Development of high hardness glasses guided by Machine Learning

Abstract

Glasses have been selected for numerous domestic and high-tech applications, including fiber optics, bioglass, ion conductors, smartphone screens and ballistic armor. These applications are due to the various properties that some glassy compositions manage to combine, such as aesthetic beauty, transparency, chemical durability and high values of hardness, elastic modulus and resistance to scratching. Artificial intelligence, and especially machine learning, has often been used to predict glass properties based on chemical composition, which notably accelerates the development of new products and greatly increases industrial competitiveness. In this work it is desired to develop high hardness glasses through simulations using machine learning algorithms.
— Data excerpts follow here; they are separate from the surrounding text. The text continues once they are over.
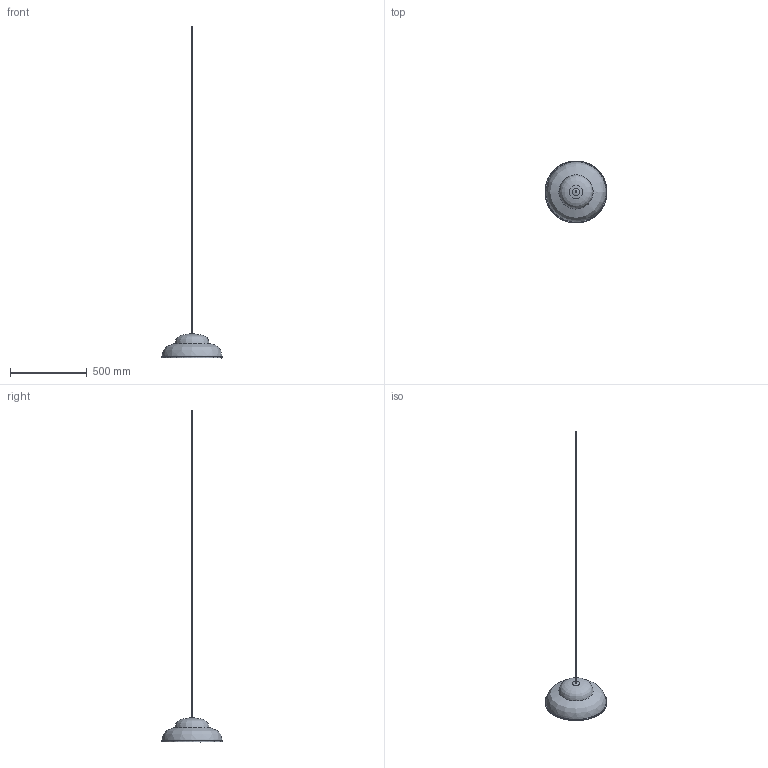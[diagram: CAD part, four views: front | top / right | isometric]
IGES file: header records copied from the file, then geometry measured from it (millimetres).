
Global section: file name: /Users/064_p/Desktop/3d data for homepage/FROG40 V2 P.igs; native system: Rhinoceros ( Jul  7 2025 ); preprocessor: Trout Lake IGES 012 Jul  7 2025; date: 260805.083342; units: millimetre
Bounding box: 403.15 x 403.14 x 2159.04 mm (x, y, z)
Surface area: 291962.4 mm2 (no closed solid volume)
Topology: 0 solids, 0 shells, 11 faces, 46 edges, 38 vertices
Faces by surface type: bspline 11
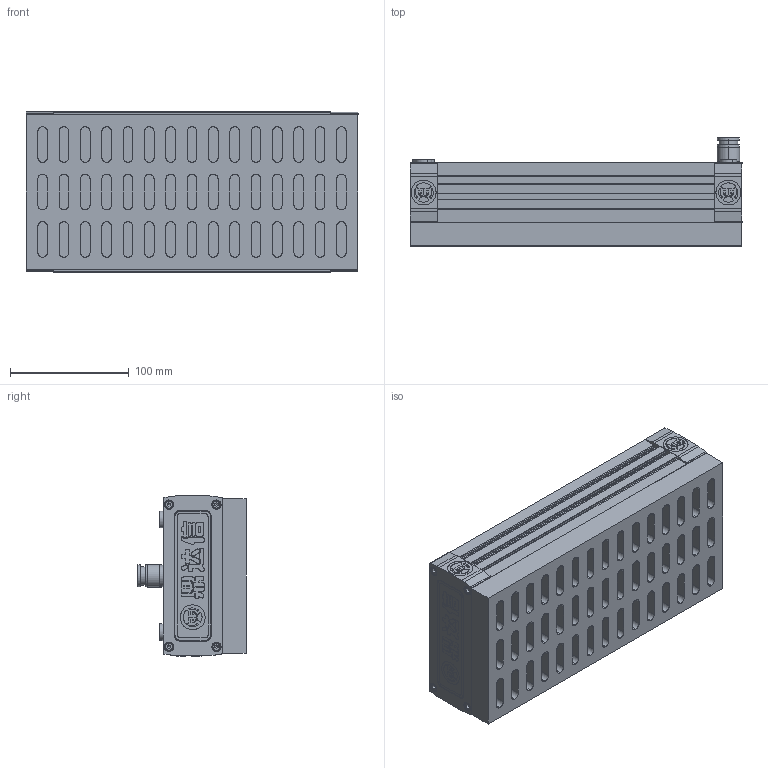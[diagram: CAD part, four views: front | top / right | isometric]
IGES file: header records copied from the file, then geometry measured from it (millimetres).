
Start section: SolidWorks IGES file using analytic representation for surfaces
Bounding box: 280 x 91.2 x 135 mm (x, y, z)
Surface area: 331750.2 mm2 (no closed solid volume)
Topology: 0 solids, 0 shells, 1692 faces, 22070 edges, 22054 vertices
Faces by surface type: bspline 1119, revolution 573
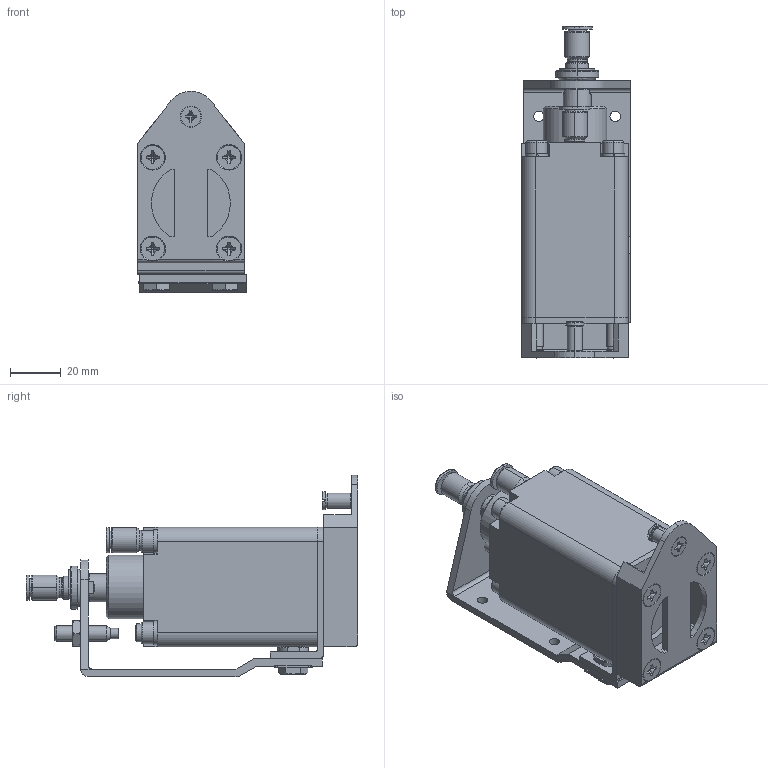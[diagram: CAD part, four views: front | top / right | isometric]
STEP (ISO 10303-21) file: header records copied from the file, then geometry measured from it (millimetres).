
FILE_DESCRIPTION (( 'STEP AP214' ), '1' );
FILE_NAME ('GT-NY25-6.STEP', '2019-11-26T09:22:55', ( '微软用户' ), ( '微软中国' ), 'SwSTEP 2.0', 'SolidWorks 2016', '' );
FILE_SCHEMA (( 'AUTOMOTIVE_DESIGN' ));
Length unit declared in the file: millimetre
Products named in the file (1): GT-NY25-6
Bounding box: 42.87 x 130.55 x 79.25 mm (x, y, z)
Surface area: 54169.7 mm2 (no closed solid volume)
Topology: 0 solids, 31 shells, 808 faces, 1997 edges, 1277 vertices
Faces by surface type: plane 352, cylinder 248, cone 115, bspline 93
Entity records: 38071 total; most frequent: CARTESIAN_POINT 10348, ORIENTED_EDGE 3965, DIRECTION 3671, EDGE_CURVE 1987, AXIS2_PLACEMENT_3D 1375, VERTEX_POINT 1277, LINE 921, VECTOR 921
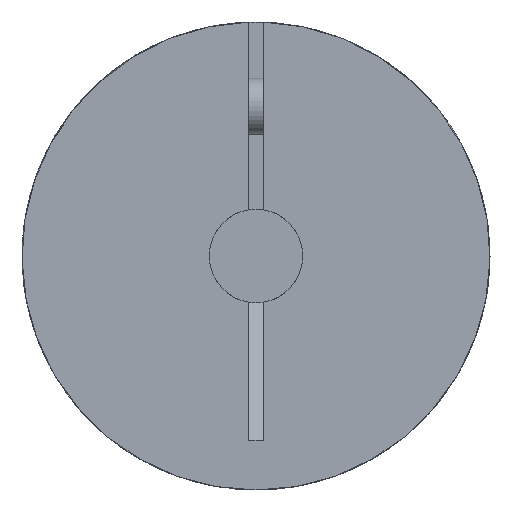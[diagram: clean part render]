
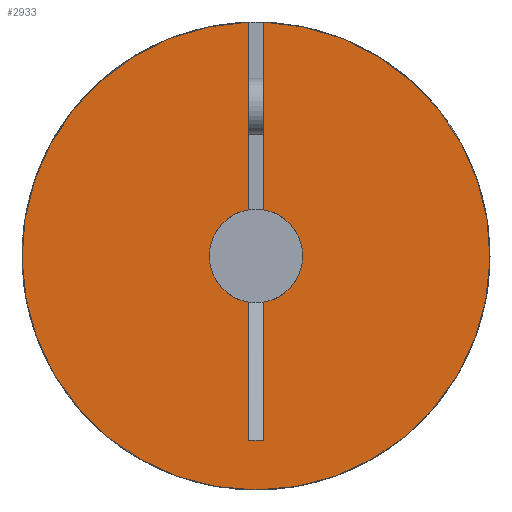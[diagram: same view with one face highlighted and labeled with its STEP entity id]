
A CAD part, left-side view. The second image highlights one B-rep face of the part: STEP entity #2933.
In plain terms, the highlighted planar face has unit normal (-1, 0, 0) as drawn and (0, 0, -1) by its records, which use the part's own axes.
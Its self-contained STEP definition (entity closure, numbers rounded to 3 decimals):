
#22 = ORIENTED_EDGE ( 'NONE', *, *, #658, .F. ) ;
#26 = DIRECTION ( 'NONE',  ( 1., 0., 0. ) ) ;
#50 = VERTEX_POINT ( 'NONE', #3082 ) ;
#109 = VERTEX_POINT ( 'NONE', #3693 ) ;
#171 = VERTEX_POINT ( 'NONE', #2817 ) ;
#176 = AXIS2_PLACEMENT_3D ( 'NONE', #1563, #2710, #2137 ) ;
#185 = DIRECTION ( 'NONE',  ( 0., 0., 1. ) ) ;
#219 = DIRECTION ( 'NONE',  ( 0., 0., -1. ) ) ;
#281 = ORIENTED_EDGE ( 'NONE', *, *, #1136, .T. ) ;
#334 = LINE ( 'NONE', #2256, #3244 ) ;
#351 = LINE ( 'NONE', #3474, #1503 ) ;
#493 = EDGE_LOOP ( 'NONE', ( #22, #1789, #1252, #992, #694, #2575, #281, #2049, #1029 ) ) ;
#589 = PLANE ( 'NONE',  #3601 ) ;
#658 = EDGE_CURVE ( 'NONE', #1237, #2818, #334, .T. ) ;
#694 = ORIENTED_EDGE ( 'NONE', *, *, #972, .T. ) ;
#744 = LINE ( 'NONE', #3582, #1525 ) ;
#875 = DIRECTION ( 'NONE',  ( 0., 0., 1. ) ) ;
#922 = DIRECTION ( 'NONE',  ( -1., 0., 0. ) ) ;
#972 = EDGE_CURVE ( 'NONE', #2864, #3024, #3494, .T. ) ;
#992 = ORIENTED_EDGE ( 'NONE', *, *, #2157, .T. ) ;
#1029 = ORIENTED_EDGE ( 'NONE', *, *, #1966, .F. ) ;
#1136 = EDGE_CURVE ( 'NONE', #2806, #171, #744, .T. ) ;
#1148 = CARTESIAN_POINT ( 'NONE',  ( 2.468, 0.4, 0. ) ) ;
#1153 = VECTOR ( 'NONE', #922, 1000. ) ;
#1237 = VERTEX_POINT ( 'NONE', #1322 ) ;
#1252 = ORIENTED_EDGE ( 'NONE', *, *, #2657, .F. ) ;
#1322 = CARTESIAN_POINT ( 'NONE',  ( -2.468, -0.4, 0. ) ) ;
#1327 = DIRECTION ( 'NONE',  ( 1., 0., 0. ) ) ;
#1379 = CARTESIAN_POINT ( 'NONE',  ( 0., 0., 0. ) ) ;
#1419 = FACE_OUTER_BOUND ( 'NONE', #493, .T. ) ;
#1503 = VECTOR ( 'NONE', #1794, 1000. ) ;
#1525 = VECTOR ( 'NONE', #3604, 1000. ) ;
#1563 = CARTESIAN_POINT ( 'NONE',  ( 0., 0., 0. ) ) ;
#1579 = DIRECTION ( 'NONE',  ( -1., 0., 0. ) ) ;
#1597 = CARTESIAN_POINT ( 'NONE',  ( 0., 0., 0. ) ) ;
#1621 = CIRCLE ( 'NONE', #3287, 2.5 ) ;
#1789 = ORIENTED_EDGE ( 'NONE', *, *, #2359, .F. ) ;
#1794 = DIRECTION ( 'NONE',  ( -1., 0., 0. ) ) ;
#1919 = LINE ( 'NONE', #2805, #2641 ) ;
#1966 = EDGE_CURVE ( 'NONE', #2818, #109, #2939, .T. ) ;
#2049 = ORIENTED_EDGE ( 'NONE', *, *, #2366, .F. ) ;
#2072 = VERTEX_POINT ( 'NONE', #2444 ) ;
#2104 = AXIS2_PLACEMENT_3D ( 'NONE', #2533, #185, #1327 ) ;
#2137 = DIRECTION ( 'NONE',  ( 1., 0., 0. ) ) ;
#2157 = EDGE_CURVE ( 'NONE', #2072, #2864, #1919, .T. ) ;
#2235 = CARTESIAN_POINT ( 'NONE',  ( -2.468, 0.4, 0. ) ) ;
#2256 = CARTESIAN_POINT ( 'NONE',  ( -12.5, -0.4, 0. ) ) ;
#2302 = AXIS2_PLACEMENT_3D ( 'NONE', #1597, #2388, #1579 ) ;
#2359 = EDGE_CURVE ( 'NONE', #50, #1237, #1621, .T. ) ;
#2366 = EDGE_CURVE ( 'NONE', #109, #171, #3111, .T. ) ;
#2388 = DIRECTION ( 'NONE',  ( 0., 0., -1. ) ) ;
#2444 = CARTESIAN_POINT ( 'NONE',  ( 9.843, -0.4, 0. ) ) ;
#2463 = DIRECTION ( 'NONE',  ( 0., 1., 0. ) ) ;
#2533 = CARTESIAN_POINT ( 'NONE',  ( 0., 0., 0. ) ) ;
#2554 = DIRECTION ( 'NONE',  ( -1., 0., 0. ) ) ;
#2575 = ORIENTED_EDGE ( 'NONE', *, *, #3633, .F. ) ;
#2641 = VECTOR ( 'NONE', #2463, 1000. ) ;
#2657 = EDGE_CURVE ( 'NONE', #2072, #50, #351, .T. ) ;
#2710 = DIRECTION ( 'NONE',  ( 0., 0., 1. ) ) ;
#2761 = DIRECTION ( 'NONE',  ( -1., 0., 0. ) ) ;
#2805 = CARTESIAN_POINT ( 'NONE',  ( 9.843, -0.4, 0. ) ) ;
#2806 = VERTEX_POINT ( 'NONE', #2235 ) ;
#2817 = CARTESIAN_POINT ( 'NONE',  ( -12.494, 0.4, 0. ) ) ;
#2818 = VERTEX_POINT ( 'NONE', #3322 ) ;
#2864 = VERTEX_POINT ( 'NONE', #3067 ) ;
#2933 = ADVANCED_FACE ( 'NONE', ( #1419 ), #589, .F. ) ;
#2939 = CIRCLE ( 'NONE', #176, 12.5 ) ;
#3024 = VERTEX_POINT ( 'NONE', #1148 ) ;
#3067 = CARTESIAN_POINT ( 'NONE',  ( 9.843, 0.4, 0. ) ) ;
#3082 = CARTESIAN_POINT ( 'NONE',  ( 2.468, -0.4, 0. ) ) ;
#3111 = CIRCLE ( 'NONE', #2104, 12.5 ) ;
#3127 = CIRCLE ( 'NONE', #2302, 2.5 ) ;
#3244 = VECTOR ( 'NONE', #2554, 1000. ) ;
#3287 = AXIS2_PLACEMENT_3D ( 'NONE', #1379, #219, #2761 ) ;
#3322 = CARTESIAN_POINT ( 'NONE',  ( -12.494, -0.4, 0. ) ) ;
#3378 = CARTESIAN_POINT ( 'NONE',  ( 0., 0., 0. ) ) ;
#3473 = CARTESIAN_POINT ( 'NONE',  ( -12.5, 0.4, 0. ) ) ;
#3474 = CARTESIAN_POINT ( 'NONE',  ( -12.5, -0.4, 0. ) ) ;
#3494 = LINE ( 'NONE', #3473, #1153 ) ;
#3582 = CARTESIAN_POINT ( 'NONE',  ( -12.5, 0.4, 0. ) ) ;
#3601 = AXIS2_PLACEMENT_3D ( 'NONE', #3378, #875, #26 ) ;
#3604 = DIRECTION ( 'NONE',  ( -1., 0., 0. ) ) ;
#3633 = EDGE_CURVE ( 'NONE', #2806, #3024, #3127, .T. ) ;
#3693 = CARTESIAN_POINT ( 'NONE',  ( 12.5, 0., 0. ) ) ;

For this purpose, predictive models of artificial neural networks (ANN) and genetic algorithms will be used. It is expected that with the correlation between composition and hardness performed by predictive models, it will be possible to predict and produce vitrifiable compositions with optimized mechanical properties, especially hardness. After selecting compositions predicted by the models, with high Vickers hardness (>7.5 GPa) target value for various applications, a study will be carried out, according to the fundamentals of glass science, to certify the ability to form glass, chemical durability and low density. Based on these criteria, various glassy compositions will be simulated, produced and characterized for verification and proof of properties predicted by artificial intelligence algorithms.